Alla fine anziche’ finanziare l’acquisto di una macchina prendi un prestito per un atto di amore che dura una vita.

Solitamente le birthmoms (ma non e’ una regola) sono donne molto giovani con vite un poco incasinate, ma mi preme sottolineare che le agenzie sono ben attente ad evitare che la open adoption diventi una fonte di “guadagno” per queste persone. L’unico e principale motivo della open adoption deve essere il comune interesse per il bambino.

Durante la gravidanza la birthmom prende contatto con le famiglie in lista e sceglie a chi affidare il proprio bambino dopo la nascita. Le due famiglie, biologica e adottiva, si tengono in contatto per tutta la durata della gravidanza, si e’ informati sugli esami prenatali. Esattamente come nel caso dell’adozione classica si puo’ decidere di diventare genitori adottivi di bimbi con handicap, o le cui mamme biologiche hanno fatto uso di sostanze stupefacenti, o hanno malattie mentali (alcune hanno una ricorrenza genetica), o hanno assunto alcool, fumato, condotto una vita un po’ borderline. E’ tutto nero su bianco. Al contrario, molte agenzie si rifiutano di coordinare la scelta sulla base del sesso del nascituro.

Dopo la nascita c’e’ un periodo finestra entro il quale la birthmom puo’ cambiare idea e tenere il bimbo, trascorso il quale la birthmom ed il birthdad (se c’e’) perdono la potesta’ genitoriale e l’adozione si conclude. Ma le due famiglie continueranno a tenersi in contatto e a visitarsi reciprocamente.

Qui di seguito il mio progetto, in inglese ovviamente, per il corso di Event Planning. C’e una breve introduzione alla open adoption in una lettera (fittizia ma verosimile) indirizzata all’Event Coordinator del National Adoption Day (tutto reale) per proporre una serata-evento informativa sulla Open Adoption all’interno del Pregnancy Awareness Month, che cade in maggio.

 

La mia presentazione ebbe un grande successo, la maggior parte dei miei compagni non sapeva assolutamente che esistesse questa possibilita’.

Il principale beneficio della open adoption e’ la possibilita’ per il bimbo di conoscere le sue radici e non avere nella testa domande senza risposta, cosa che spesso purtroppo accade con le adozioni chiuse. E questo e’ il motivo principale per cui trovo assurda la legge italiana che impone un silenzio di 99 anni tra la madre biologica ed il proprio figlio, al quale e’ reso praticamente impossibile risalire alle proprie origini e al motivo per cui e’ stato posto in adozione. A volte la realta’ e’ molto piu’ banale dei fantasmi che riescono a popolare la mente di un bambino che si sente rifiutato o che pensa di non essere stato degno di essere amato.
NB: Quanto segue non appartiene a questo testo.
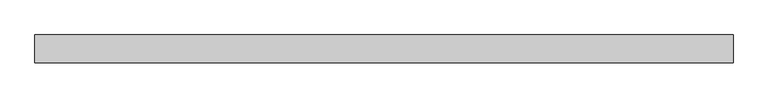
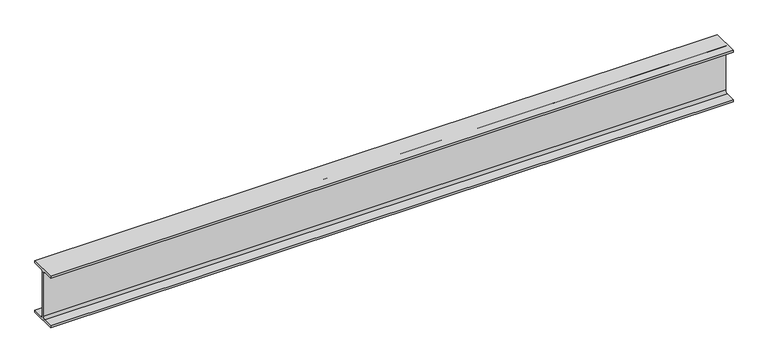
"""IFC4 building model written with IfcOpenShell, lengths in millimetres: beam geometry, 0912_Steel Framing_H-KSD3502 : H_SB_ASB_H-250x125x6x9."""

import ifcopenshell
import ifcopenshell.guid

model = None  # the IFC model being written
_history = None  # IfcOwnerHistory: only IFC2X3 demands one
_inside = {}  # id of a spatial element -> (the spatial element, [elements in it])
_under = {}  # id of a project, library or spatial element -> (it, [spatial elements below it])
_declared = {}  # id of a project -> (the project, [libraries it declares])
_typed = {}  # id of a type object -> (the type object, [elements of that type])
_made_of = {}  # id of a material, layer set ... -> (it, [elements and type objects made of it])


def new_model(schema):
    """Start an empty IFC model of exactly this schema.

    Asked for "IFC4X3", IfcOpenShell would pick the latest addendum, in which some entities
    have other attributes; the version numbers below select the first issue.
    IFC2X3 requires an IfcOwnerHistory on every rooted entity: one is made here for all.
    """
    global model, _history
    if schema == "IFC4X3":
        model = ifcopenshell.file(schema_version=(4, 3, 0, 0))
    else:
        model = ifcopenshell.file(schema=schema)
    _inside.clear()
    _under.clear()
    _declared.clear()
    _typed.clear()
    _made_of.clear()
    _history = None
    if model.schema == "IFC2X3":
        org = make("IfcOrganization", Name="unknown")
        user = make(
            "IfcPersonAndOrganization",
            ThePerson=make("IfcPerson", FamilyName="unknown"),
            TheOrganization=org,
        )
        app = make(
            "IfcApplication",
            ApplicationDeveloper=org,
            Version="unknown",
            ApplicationFullName="unknown",
            ApplicationIdentifier="unknown",
        )
        _history = make(
            "IfcOwnerHistory",
            OwningUser=user,
            OwningApplication=app,
            ChangeAction="ADDED",
            CreationDate=0,
        )
    return model


def make(cls, **values):
    """One entity of the class cls with the attributes given. An attribute that is None is left unset."""
    return model.create_entity(
        cls, **{name: value for name, value in values.items() if value is not None}
    )


def rooted(cls, **values):
    """An entity with a GlobalId (a new one), such as an element, a storey or a relation."""
    return make(cls, GlobalId=ifcopenshell.guid.new(), OwnerHistory=_history, **values)


def si_unit(unit_type, name, prefix=None):
    """IfcSIUnit, for example si_unit("LENGTHUNIT", "METRE", prefix="MILLI")."""
    return make("IfcSIUnit", UnitType=unit_type, Prefix=prefix, Name=name)


def assignment(units):
    """IfcUnitAssignment: the units of a project."""
    return None if units is None else make("IfcUnitAssignment", Units=units)


def point(xyz):
    """IfcCartesianPoint."""
    return None if xyz is None else make("IfcCartesianPoint", Coordinates=xyz)


def direction(xyz):
    """IfcDirection."""
    return None if xyz is None else make("IfcDirection", DirectionRatios=xyz)


def frame(location, z_axis=None, x_axis=None):
    """IfcAxis2Placement3D, a coordinate frame: its origin and axes. An axis left out is left unset."""
    return make(
        "IfcAxis2Placement3D",
        Location=point(location),
        Axis=direction(z_axis),
        RefDirection=direction(x_axis),
    )


def frame_2d(location, x_axis=None):
    """IfcAxis2Placement2D, a coordinate frame in the plane: its origin and x axis."""
    return make(
        "IfcAxis2Placement2D", Location=point(location), RefDirection=direction(x_axis)
    )


def origin():
    """The frame at (0, 0, 0) with its axes left unset."""
    return frame((0.0, 0.0, 0.0))


def place(relative_to, where):
    """IfcLocalPlacement: puts the frame where relative to a parent placement (None: the world)."""
    return make(
        "IfcLocalPlacement", PlacementRelTo=relative_to, RelativePlacement=where
    )


def context(
    kind, dimensions, precision=None, world=None, true_north=None, identifier=None
):
    """IfcGeometricRepresentationContext, for example the 3D "Model" context."""
    return make(
        "IfcGeometricRepresentationContext",
        ContextIdentifier=identifier,
        ContextType=kind,
        CoordinateSpaceDimension=dimensions,
        Precision=precision,
        WorldCoordinateSystem=world,
        TrueNorth=true_north,
    )


def project(units=None, contexts=None):
    """IfcProject with its units and contexts."""
    return rooted(
        "IfcProject",
        Name="project",
        RepresentationContexts=contexts,
        UnitsInContext=assignment(units),
    )


def spatial(cls, under=None, at=None, **own):
    """A site, building, storey or space (cls), placed at a placement, below another one or the project."""
    s = rooted(cls, ObjectPlacement=at, **own)
    if under is not None:
        _under.setdefault(under.id(), (under, []))[1].append(s)
    return s


def polyline(points):
    """IfcPolyline through the points."""
    return make("IfcPolyline", Points=[point(p) for p in points])


def circle_curve(where, radius):
    """IfcCircle in the frame where."""
    return make("IfcCircle", Position=where, Radius=radius)


def trimmed(basis, trim1, trim2, sense, master):
    """IfcTrimmedCurve: the piece of a basis curve between two trims."""
    return make(
        "IfcTrimmedCurve",
        BasisCurve=basis,
        Trim1=trim1,
        Trim2=trim2,
        SenseAgreement=sense,
        MasterRepresentation=master,
    )


def segment(curve, same_sense, transition):
    """IfcCompositeCurveSegment."""
    return make(
        "IfcCompositeCurveSegment",
        Transition=transition,
        SameSense=same_sense,
        ParentCurve=curve,
    )


def composite_curve(segments, self_intersect=None):
    """IfcCompositeCurve: segments joined end to end."""
    return make("IfcCompositeCurve", Segments=segments, SelfIntersect=self_intersect)


def outline(outer, holes=None, kind="AREA"):
    """IfcArbitraryClosedProfileDef: a profile drawn as a closed curve; with holes, ...WithVoids."""
    if holes is None:
        return make("IfcArbitraryClosedProfileDef", ProfileType=kind, OuterCurve=outer)
    return make(
        "IfcArbitraryProfileDefWithVoids",
        ProfileType=kind,
        OuterCurve=outer,
        InnerCurves=holes,
    )


def extrude(swept, where, along, depth):
    """IfcExtrudedAreaSolid: the profile swept, set in the frame where, extruded along a direction by depth."""
    return make(
        "IfcExtrudedAreaSolid",
        SweptArea=swept,
        Position=where,
        ExtrudedDirection=direction(along),
        Depth=depth,
    )


def shape(context_of_items, identifier, shape_type, items):
    """IfcShapeRepresentation: the items that make up one representation, for example the "Body"."""
    return make(
        "IfcShapeRepresentation",
        ContextOfItems=context_of_items,
        RepresentationIdentifier=identifier,
        RepresentationType=shape_type,
        Items=items,
    )


def source(mapping_origin, context_of_items, identifier, shape_type, items):
    """IfcRepresentationMap: a shape defined once, which mapped items show again and again."""
    return make(
        "IfcRepresentationMap",
        MappingOrigin=mapping_origin,
        MappedRepresentation=shape(context_of_items, identifier, shape_type, items),
    )


def transform(
    local_origin,
    x_axis=None,
    y_axis=None,
    z_axis=None,
    scale=None,
    scale2=None,
    scale3=None,
    uniform=True,
):
    """IfcCartesianTransformationOperator3D, or its non-uniform kind. x_axis, y_axis, z_axis: its Axis1, 2, 3."""
    if uniform:
        return make(
            "IfcCartesianTransformationOperator3D",
            Axis1=direction(x_axis),
            Axis2=direction(y_axis),
            LocalOrigin=point(local_origin),
            Scale=scale,
            Axis3=direction(z_axis),
        )
    return make(
        "IfcCartesianTransformationOperator3DnonUniform",
        Axis1=direction(x_axis),
        Axis2=direction(y_axis),
        LocalOrigin=point(local_origin),
        Scale=scale,
        Axis3=direction(z_axis),
        Scale2=scale2,
        Scale3=scale3,
    )


def mapped(mapping_source, mapping_target):
    """IfcMappedItem: shows the shape of a source again, moved by a transform."""
    return make(
        "IfcMappedItem", MappingSource=mapping_source, MappingTarget=mapping_target
    )


def made_of(thing, what):
    """Note that an element or type object is made of a material, layer set ...; save() writes the relation."""
    if what is not None:
        _made_of.setdefault(what.id(), (what, []))[1].append(thing)
    return thing


def element(
    cls,
    number,
    at=None,
    inside=None,
    cuts=None,
    type_object=None,
    material=None,
    context=None,
    identifier="Body",
    shape_type=None,
    held_by="IfcProductDefinitionShape",
    body=None,
    shapes=None,
    **own,
):
    """One element of the class cls, such as IfcWall. Its Tag is "e" and its number.

    at: its placement. inside: the storey or other place that contains it. cuts: it is an
    opening in that element (IfcRelVoidsElement). A single representation is given by context,
    identifier, shape_type and body (its items); several are given by shapes. held_by: the class
    of the entity that holds the representations. save() writes the other relations.
    """
    e = rooted(cls, Tag="e%d" % number, ObjectPlacement=at, **own)
    if body is not None:
        shapes = [shape(context, identifier, shape_type, body)]
    if shapes is not None:
        e.Representation = make(held_by, Representations=shapes)
    if inside is not None:
        _inside.setdefault(inside.id(), (inside, []))[1].append(e)
    if cuts is not None:
        rooted(
            "IfcRelVoidsElement", RelatingBuildingElement=cuts, RelatedOpeningElement=e
        )
    if type_object is not None:
        _typed.setdefault(type_object.id(), (type_object, []))[1].append(e)
    return made_of(e, material)


def aggregate(whole, parts):
    """IfcRelAggregates: a whole, such as a stair, and the parts it consists of."""
    return rooted("IfcRelAggregates", RelatingObject=whole, RelatedObjects=parts)


def save(model, path):
    """Write the relations noted so far, then the file.

    IfcRelAggregates (storeys below a building ...), IfcRelContainedInSpatialStructure (elements
    in a storey), IfcRelDefinesByType, IfcRelAssociatesMaterial and IfcRelDeclares: one each for
    every whole, place, type object, material and project.
    """
    for whole, parts in _under.values():
        aggregate(whole, parts)
    for where, things in _inside.values():
        rooted(
            "IfcRelContainedInSpatialStructure",
            RelatedElements=things,
            RelatingStructure=where,
        )
    for kind, things in _typed.values():
        rooted("IfcRelDefinesByType", RelatedObjects=things, RelatingType=kind)
    for what, things in _made_of.values():
        rooted("IfcRelAssociatesMaterial", RelatedObjects=things, RelatingMaterial=what)
    for by, libraries in _declared.values():
        rooted("IfcRelDeclares", RelatingContext=by, RelatedDefinitions=libraries)
    model.write(path)


def beam_fa849394(model_context):
    return source(origin(), model_context, "Body", "SweptSolid", [
        extrude(outline(composite_curve([segment(polyline([(62.5, -116.0), (62.5, -125.0), (-62.5, -125.0), (-62.5, -116.0), (-15.0, -116.0)]), True, "CONTINUOUS"), segment(trimmed(circle_curve(frame_2d((-15.0, -104.0)), 12.0), [point((-15.0, -116.0))], [point((-3.0, -104.0))], True, "CARTESIAN"), True, "CONTINUOUS"), segment(polyline([(-3.0, -104.0), (-3.0, 104.0)]), True, "CONTINUOUS"), segment(trimmed(circle_curve(frame_2d((-15.0, 104.0)), 12.0), [point((-3.0, 104.0))], [point((-15.0, 116.0))], True, "CARTESIAN"), True, "CONTINUOUS"), segment(polyline([(-15.0, 116.0), (-62.5, 116.0), (-62.5, 125.0), (62.5, 125.0), (62.5, 116.0), (15.0, 116.0)]), True, "CONTINUOUS"), segment(trimmed(circle_curve(frame_2d((15.0, 104.0)), 12.0), [point((15.0, 116.0))], [point((3.0, 104.0))], True, "CARTESIAN"), True, "CONTINUOUS"), segment(polyline([(3.0, 104.0), (3.0, -104.0)]), True, "CONTINUOUS"), segment(trimmed(circle_curve(frame_2d((15.0, -104.0)), 12.0), [point((3.0, -104.0))], [point((15.0, -116.0))], True, "CARTESIAN"), True, "CONTINUOUS"), segment(polyline([(15.0, -116.0), (62.5, -116.0)]), True, "CONTINUOUS")], self_intersect=False)), frame((-1494.5360727, 0.0, 0.0), z_axis=(1.0, 0.0, 0.0), x_axis=(0.0, 1.0, 0.0)), (0.0, 0.0, 1.0), 3149.3360727),
    ])


if __name__ == "__main__":
    model = new_model("IFC4")
    model_context = context("Model", 3, world=origin())
    ifc_project = project(units=[si_unit("LENGTHUNIT", "METRE", prefix="MILLI")], contexts=[model_context])
    site = spatial("IfcSite", under=ifc_project)
    building = spatial("IfcBuilding", under=site)
    placement = place(None, origin())
    beam_shape = beam_fa849394(model_context)
    element("IfcBeam", 1, ObjectType="0912_Steel Framing_H-KSD3502 : H_SB_ASB_H-250x125x6x9", at=placement, inside=building, context=model_context, shape_type="MappedRepresentation", body=[
        mapped(beam_shape, transform((0.0, 0.0, 0.0), x_axis=(1.0, 0.0, 0.0), y_axis=(0.0, 1.0, 0.0), z_axis=(0.0, 0.0, 1.0))),
    ])
    save(model, "model.ifc")

# Revit data of these elements
# Type "0912_Steel Framing_H-KSD3502 : H_SB_ASB_H-250x125x6x9"
#   H_WM Code_1 = "S01AA003-00001 | Main Steel Structure Fabrication Work | Shelter/Building | Light Steel - Standard (30KG/M>Weight) | Material: (   )"
#   H_WM Code_2 = "S03AA029-00001 | Main Steel Structure Erection Work | Shelter/Building | Light Steel (30KG/M>Weight) | Material: (   )"
#   H_WM Code_3 = "S01AA010-00001 | Main Steel Structure Fabrication Work | Shelter/Building | Steel Painting/Coating | for Non-Fireproofed Steel Surface, Surface Preparation, Primer, Second & Final Coat | Material: (   )"
#   H_Q'ty Cal Type Tag = "SB-Q2"
#   Width = 12.5 cm
#   Web Thickness = 0.6 cm
#   Web Fillet = 1.2 cm
#   Warping Constant = 42539.8 cm⁶
#   W = 0
#   Torsional Moment of Inertia = 7.8102 cm⁴
#   Section Area = 37.66 cm²
#   Plastic Modulus weak axis = 73.1 cm³
#   Plastic Modulus strong axis = 366.0 cm³
#   Perimeter = 0.97 m²/m
#   Nominal Weight = 29.60 kgf/m
#   Moment of Inertia weak axis = 294.00 cm⁴
#   Moment of Inertia strong axis = 4050.00 cm⁴
#   Height = 25.0 cm
#   Flange Thickness = 0.9 cm
#   Elastic Modulus weak axis = 47.0 cm³
#   Elastic Modulus strong axis = 324.0 cm³
#   Centroid Vertical = 12.5 cm
#   Centroid Horizontal = 6.25 cm
#   Ix = 40500000
#   Length [instance default] = 1.5240 m
#   Zx = 366000
#   b = 0.1250 m
#   h = 0.2500 m
#   r = 0.0120 m
#   s = 0.0060 m
#   t = 0.0090 m
#   A = 0.003766 m²
#   Structural Material [instance default] = Steel, 45-345
#   Assembly Code = ""
# Element 1 (IfcBeam, "0912_Steel Framing_H-KSD3502 : H_SB_ASB_H-250x125x6x9")
#   Structural Material = none
# Materials
#   "Steel, 45-345": class "Metal", colour RGB 189 187 185, transparency 0, Description = "Steel 345 MPa", Cost = 0

“Family isn’t always blood. It’s the people in your life who want you in theirs; the ones who accept you for who you are. The ones who would do anything to see you smile and who love you no matter what.”

Link utili:

Blog in italiano, Due scimmie, un panda… ed un panda rosso.

Open Adoption is your decision.

Open adoption, The most beautiful pain you could ever choose.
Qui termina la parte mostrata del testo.